(Extracted records)

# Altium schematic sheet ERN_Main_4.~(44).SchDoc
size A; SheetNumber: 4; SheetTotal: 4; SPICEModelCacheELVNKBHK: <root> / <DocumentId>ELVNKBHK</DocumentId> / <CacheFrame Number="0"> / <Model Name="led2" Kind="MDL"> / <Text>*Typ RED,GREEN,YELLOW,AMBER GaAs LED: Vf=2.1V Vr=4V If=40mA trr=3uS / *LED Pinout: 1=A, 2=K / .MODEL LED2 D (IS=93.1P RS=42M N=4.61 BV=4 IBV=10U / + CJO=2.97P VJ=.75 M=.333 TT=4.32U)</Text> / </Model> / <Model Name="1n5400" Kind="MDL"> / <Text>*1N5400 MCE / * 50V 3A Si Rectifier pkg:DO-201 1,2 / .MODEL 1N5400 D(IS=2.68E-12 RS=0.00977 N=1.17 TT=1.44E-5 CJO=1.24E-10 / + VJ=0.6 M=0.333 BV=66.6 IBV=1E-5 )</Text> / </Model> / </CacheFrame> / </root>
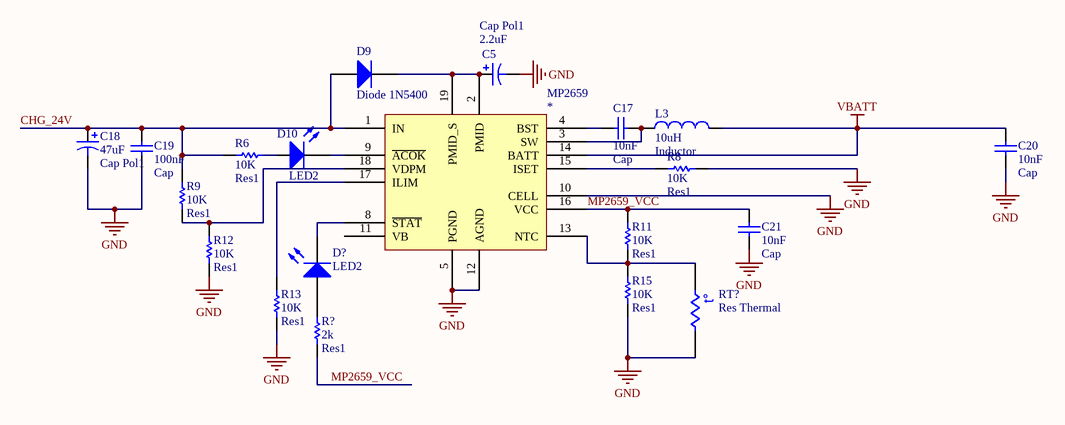
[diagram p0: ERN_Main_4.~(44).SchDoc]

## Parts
*  MP2659
C5  Cap Pol1  value 2.2uF  [RB7.6-15]
C17  Cap  value 10nF  [RAD-0.3]
C18  Cap Pol1  value 47uF  [RB7.6-15]
C19  Cap  value 100nF  [RAD-0.3]
C20  Cap  value 10nF  [RAD-0.3]
C21  Cap  value 10nF  [RAD-0.3]
D9  Diode 1N5400  [DO-201AD]
D10  LED2  [3.2X1.6X1.1]
D?  LED2  [3.2X1.6X1.1]
L3  Inductor  value 10uH  [0402-A]
R6  Res1  value 10K  [AXIAL-0.3]
R8  Res1  value 10K  [AXIAL-0.3]
R9  Res1  value 10K  [AXIAL-0.3]
R11  Res1  value 10K  [AXIAL-0.3]
R12  Res1  value 10K  [AXIAL-0.3]
R13  Res1  value 10K  [AXIAL-0.3]
R15  Res1  value 10K  [AXIAL-0.3]
R?  Res1  value 2k  [AXIAL-0.3]
RT?  Res Thermal  [6-0805_N]

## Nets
GND: *.5(PGND) *.10(CELL) *.12(AGND) C5.2 C18.2 C19.1 C20.2 C21.2 R8.2 R12.2 R13.2 R15.1 RT?.2
VBATT: *.14(BATT) C20.1 L3.2
CHG_24V: *.1(IN) C18.1 C19.2 D9.1(A) R6.2 R9.1
MP2659_VCC: *.16(VCC) C21.1 R11.2 R?.2
Net*_2: *.2(PMID) *.19(PMID_S) C5.1 D9.2(K)
Net*_3: *.3(SW) C17.1 L3.1
Net*_4: *.4(BST) C17.2
Net*_8: *.8(~{STAT}) D?.2(K)
Net*_9: *.9(~{ACOK}) D10.2(K)
Net*_13: *.13(NTC) R11.1 R15.2 RT?.1
Net*_15: *.15(ISET) R8.1
Net*_17: *.17(ILIM) R13.1
Net*_18: *.18(VDPM) R9.2 R12.1
NetD10_1: D10.1(A) R6.1
NetD?_1: D?.1(A) R?.1

Not connected (* = marked no-connect by the designer): * 11(VB)

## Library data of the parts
* = MP2659: 3S-6S Standalone Switching Charger
C5 C18 = Cap Pol1: Polarized Capacitor (Radial)
C17 C19-C21 = Cap: Capacitor
D9 = Diode 1N5400: 3 Amp General Purpose Rectifier
D10 D? = LED2: Typical RED, GREEN, YELLOW, AMBER GaAs LED
L3 = Inductor: Code_IEC: 1005
R6 R8 R9 R11-R13 R15 R? = Res1: Resistor
RT? = Res Thermal: Thermistor

Exercise instructions:
Please retype the data exactly, but do not carry over any picture.

Result for this task:
# Altium schematic sheet ERN_Main_4.~(44).SchDoc
size A; SheetNumber: 4; SheetTotal: 4; SPICEModelCacheELVNKBHK: <root> / <DocumentId>ELVNKBHK</DocumentId> / <CacheFrame Number="0"> / <Model Name="led2" Kind="MDL"> / <Text>*Typ RED,GREEN,YELLOW,AMBER GaAs LED: Vf=2.1V Vr=4V If=40mA trr=3uS / *LED Pinout: 1=A, 2=K / .MODEL LED2 D (IS=93.1P RS=42M N=4.61 BV=4 IBV=10U / + CJO=2.97P VJ=.75 M=.333 TT=4.32U)</Text> / </Model> / <Model Name="1n5400" Kind="MDL"> / <Text>*1N5400 MCE / * 50V 3A Si Rectifier pkg:DO-201 1,2 / .MODEL 1N5400 D(IS=2.68E-12 RS=0.00977 N=1.17 TT=1.44E-5 CJO=1.24E-10 / + VJ=0.6 M=0.333 BV=66.6 IBV=1E-5 )</Text> / </Model> / </CacheFrame> / </root>
[diagram p0: ERN_Main_4.~(44).SchDoc]

## Parts
*  MP2659
C5  Cap Pol1  value 2.2uF  [RB7.6-15]
C17  Cap  value 10nF  [RAD-0.3]
C18  Cap Pol1  value 47uF  [RB7.6-15]
C19  Cap  value 100nF  [RAD-0.3]
C20  Cap  value 10nF  [RAD-0.3]
C21  Cap  value 10nF  [RAD-0.3]
D9  Diode 1N5400  [DO-201AD]
D10  LED2  [3.2X1.6X1.1]
D?  LED2  [3.2X1.6X1.1]
L3  Inductor  value 10uH  [0402-A]
R6  Res1  value 10K  [AXIAL-0.3]
R8  Res1  value 10K  [AXIAL-0.3]
R9  Res1  value 10K  [AXIAL-0.3]
R11  Res1  value 10K  [AXIAL-0.3]
R12  Res1  value 10K  [AXIAL-0.3]
R13  Res1  value 10K  [AXIAL-0.3]
R15  Res1  value 10K  [AXIAL-0.3]
R?  Res1  value 2k  [AXIAL-0.3]
RT?  Res Thermal  [6-0805_N]

## Nets
GND: *.5(PGND) *.10(CELL) *.12(AGND) C5.2 C18.2 C19.1 C20.2 C21.2 R8.2 R12.2 R13.2 R15.1 RT?.2
VBATT: *.14(BATT) C20.1 L3.2
CHG_24V: *.1(IN) C18.1 C19.2 D9.1(A) R6.2 R9.1
MP2659_VCC: *.16(VCC) C21.1 R11.2 R?.2
Net*_2: *.2(PMID) *.19(PMID_S) C5.1 D9.2(K)
Net*_3: *.3(SW) C17.1 L3.1
Net*_4: *.4(BST) C17.2
Net*_8: *.8(~{STAT}) D?.2(K)
Net*_9: *.9(~{ACOK}) D10.2(K)
Net*_13: *.13(NTC) R11.1 R15.2 RT?.1
Net*_15: *.15(ISET) R8.1
Net*_17: *.17(ILIM) R13.1
Net*_18: *.18(VDPM) R9.2 R12.1
NetD10_1: D10.1(A) R6.1
NetD?_1: D?.1(A) R?.1

Not connected (* = marked no-connect by the designer): * 11(VB)

## Library data of the parts
* = MP2659: 3S-6S Standalone Switching Charger
C5 C18 = Cap Pol1: Polarized Capacitor (Radial)
C17 C19-C21 = Cap: Capacitor
D9 = Diode 1N5400: 3 Amp General Purpose Rectifier
D10 D? = LED2: Typical RED, GREEN, YELLOW, AMBER GaAs LED
L3 = Inductor: Code_IEC: 1005
R6 R8 R9 R11-R13 R15 R? = Res1: Resistor
RT? = Res Thermal: Thermistor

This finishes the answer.